Причину появления раны я, разумеется, скрыл. Обе бабушки, соседки и мама единодушно признали, что у меня «волокно». Что это такое, ответить мне не мог никто. Фельдшер Дюня осмотрев палец, сказал, что у меня панариций. Лишь много позже я узнал, что все были правы в определении диагноза. Панариций в народе называют волосень, волос. Раны на пальце заживали долго, несмотря на чудодейственную стрептоцидовую мазь, вкусно пахнувшую рыбьим жиром.
Ровно через два года я попытался определить силу стартера миниатюрного трактора ДТ 14, на котором мой дядя Ваня Гавриш развозил на ферме корма. Захватив изо всех сил ремень, соединяющий шкивы двигателя и динамы, я нажал на ручку стартера.
Даже не почувствовав сопротивления, ремень затянул ногтевую фалангу моего многострадального пальца под шкив, оставив размозженную рану и расколов наискось мой ноготь. Два дня палец я никому не показывал, а потом снова был выставлен спасительный диагноз — волокно.

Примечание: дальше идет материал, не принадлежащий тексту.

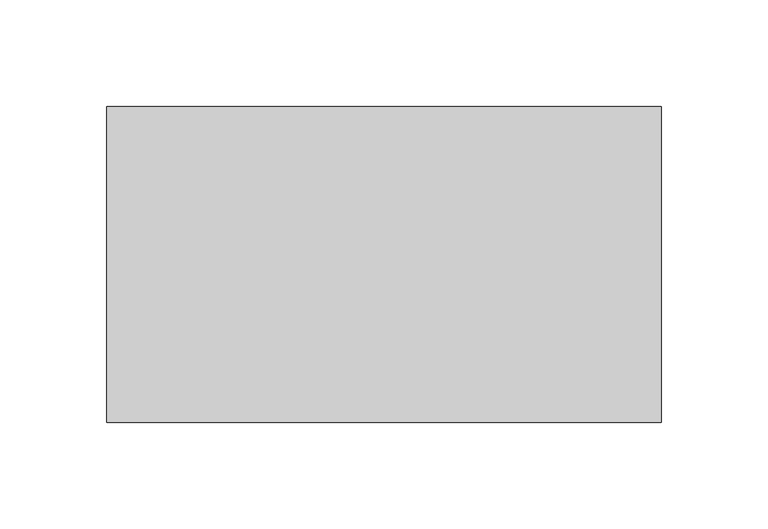
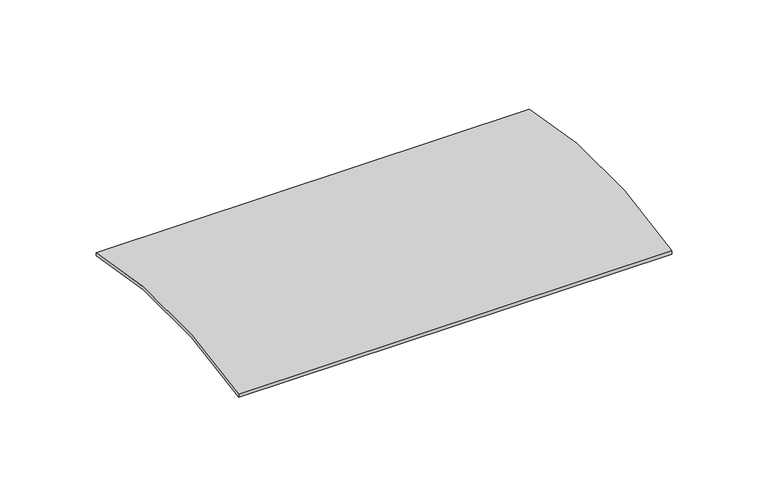
"""IFC4 building model written with IfcOpenShell, lengths in millimetres: proxy geometry, TN_ПВС 125-82_Защитная решетка : TN_ПВС 125-82_Защитная решетка."""

from ifc_helpers import new_model, si_unit, point, frame, frame_2d, origin, place, context, project, spatial, polyline, circle_curve, trimmed, segment, composite_curve, outline, extrude, source, transform, mapped, element, save


def generic_models_7c4a537d(model_context):
    return source(origin(), model_context, "Body", "SweptSolid", [
        extrude(outline(composite_curve([segment(trimmed(circle_curve(frame_2d((0.0, -288.7046439)), 298.0), [point((74.1, -0.0644007))], [point((-74.1, -0.0644007))], True, "CARTESIAN"), True, "CONTINUOUS"), segment(polyline([(-74.1, -0.0644007), (-74.1, 2.0)]), True, "CONTINUOUS"), segment(trimmed(circle_curve(frame_2d((0.0, -288.7046439)), 300.0), [point((-74.1, 2.0))], [point((74.1, 2.0))], False, "CARTESIAN"), True, "CONTINUOUS"), segment(polyline([(74.1, 2.0), (74.1, -0.0644007)]), True, "CONTINUOUS")], self_intersect=False)), frame((0.0, 0.0, 0.0), z_axis=(1.0, 0.0, 0.0), x_axis=(0.0, 1.0, 0.0)), (0.0, 0.0, 1.0), 260.0),
    ])


if __name__ == "__main__":
    model = new_model("IFC4")
    model_context = context("Model", 3, world=origin())
    ifc_project = project(units=[si_unit("LENGTHUNIT", "METRE", prefix="MILLI")], contexts=[model_context])
    site = spatial("IfcSite", under=ifc_project)
    building = spatial("IfcBuilding", under=site)
    placement = place(None, origin())
    generic_models_shape = generic_models_7c4a537d(model_context)
    element("IfcBuildingElementProxy", 1, Name="TN_ПВС 125-82_Защитная решетка : TN_ПВС 125-82_Защитная решетка", ObjectType="TN_ПВС 125-82_Защитная решетка : TN_ПВС 125-82_Защитная решетка", at=placement, inside=building, context=model_context, shape_type="MappedRepresentation", body=[
        mapped(generic_models_shape, transform((0.0, 0.0, 0.0), x_axis=(1.0, 0.0, 0.0), y_axis=(0.0, 1.0, 0.0), z_axis=(0.0, 0.0, 1.0))),
    ])
    save(model, "model.ifc")

# Revit data of these elements
# Type "TN_ПВС 125-82_Защитная решетка : TN_ПВС 125-82_Защитная решетка"
#   Description = "Служит для предотвращения засора водосточной системы. Не пропускает в желоб листья и прочий крупный\r\nмусор"
#   Manufacturer = "ТехноНИКОЛЬ"
#   Model = "Комплектующие к водосточным системам"
#   URL = "https://tn-vodostok.ru/catalog/pvh/"
#   ADSK_Обозначение = "ТехноНИКОЛЬ"
#   ADSK_Наименование краткое = "Решетка"
#   ADSK_Наименование = "Защитная решетка"
#   ADSK_Масса_Текст = ""
#   ADSK_Марка = ""
#   ADSK_Код изделия = ""
#   ADSK_Завод-изготовитель = "ТехноНИКОЛЬ"
#   ADSK_Единица измерения = "п.м."
#   ADSK_Группирование = "Комплектующие к водосточным системам"
#   ADSK_URL страницы изделия = "https://tn-vodostok.ru/catalog/pvh/"
#   ADSK_URL документации изделия = "https://tn-vodostok.ru/upload/iblock/c42/c427963cb77eb5c3c51f0cfb870e9e52.pdf"
#   ADSK_Размер_Длина [instance default] = 500 mm
#   ADSK_Количество [instance default] = 0.5
#   ADSK_Материал [instance default] = TN_Пластик_Решетка_Коричневый_RAL8019
#   Default Elevation = 0
# Element 1 (IfcBuildingElementProxy, "TN_ПВС 125-82_Защитная решетка : TN_ПВС 125-82_Защитная решетка")
#   ADSK_Размер_Длина = 260 mm
#   ADSK_Количество = 0.26
#   Materials on its faces: "TN_Пластик_Решетка_Коричневый_RAL8019"
# Materials
#   "TN_Пластик_Решетка_Коричневый_RAL8019": class "Типовые", colour RGB 61 54 53, transparency 0.25, Cost = 0

Как и в первый раз, выручила безотказная стрептоцидовая мазь. До сих пор ногтевая фаланга на правой руке шире левой, а ноготь украшен продольным хребтом и мелкими волнами. А ведь ремень мог затянуть под шкив кисть, а то и гораздо больше.
Вспоминая сейчас драматические события моего детства, я могу с достаточной степенью достоверности утверждать, что подавляющее число леденящих душу происшествий пришлись на период от десяти до тринадцати лет. После тринадцати, особенно, когда я стал учиться в седьмом, тогда выпускном классе сельской школы, интерес к острым приключениям угас как-то самостоятельно, без понуканий и репрессий.
Увлечение фотографией, а потом радиоконструированием, постоянное общение со взрослыми рабочими и техниками в лаборатории КИП и автоматики сахарного завода отодвинули актуальность былых приключений куда-то далеко, на самый задний план.
Мой старший, Олег, будучи в детстве болезненным ребенком, рос в атмосфере сверхизбыточной опеки как со стороны нас, родителей, так и бабушек и дедушек. Оберегая его от частых простуд, трудностей и опасностей детского и подросткового периода, я часто лишал собственного ребенка возможности испытать неповторимую многогранность ярких ощущений, свойственных каждому периоду становления личности. Уже позже, как говорится, он сделал себя сам.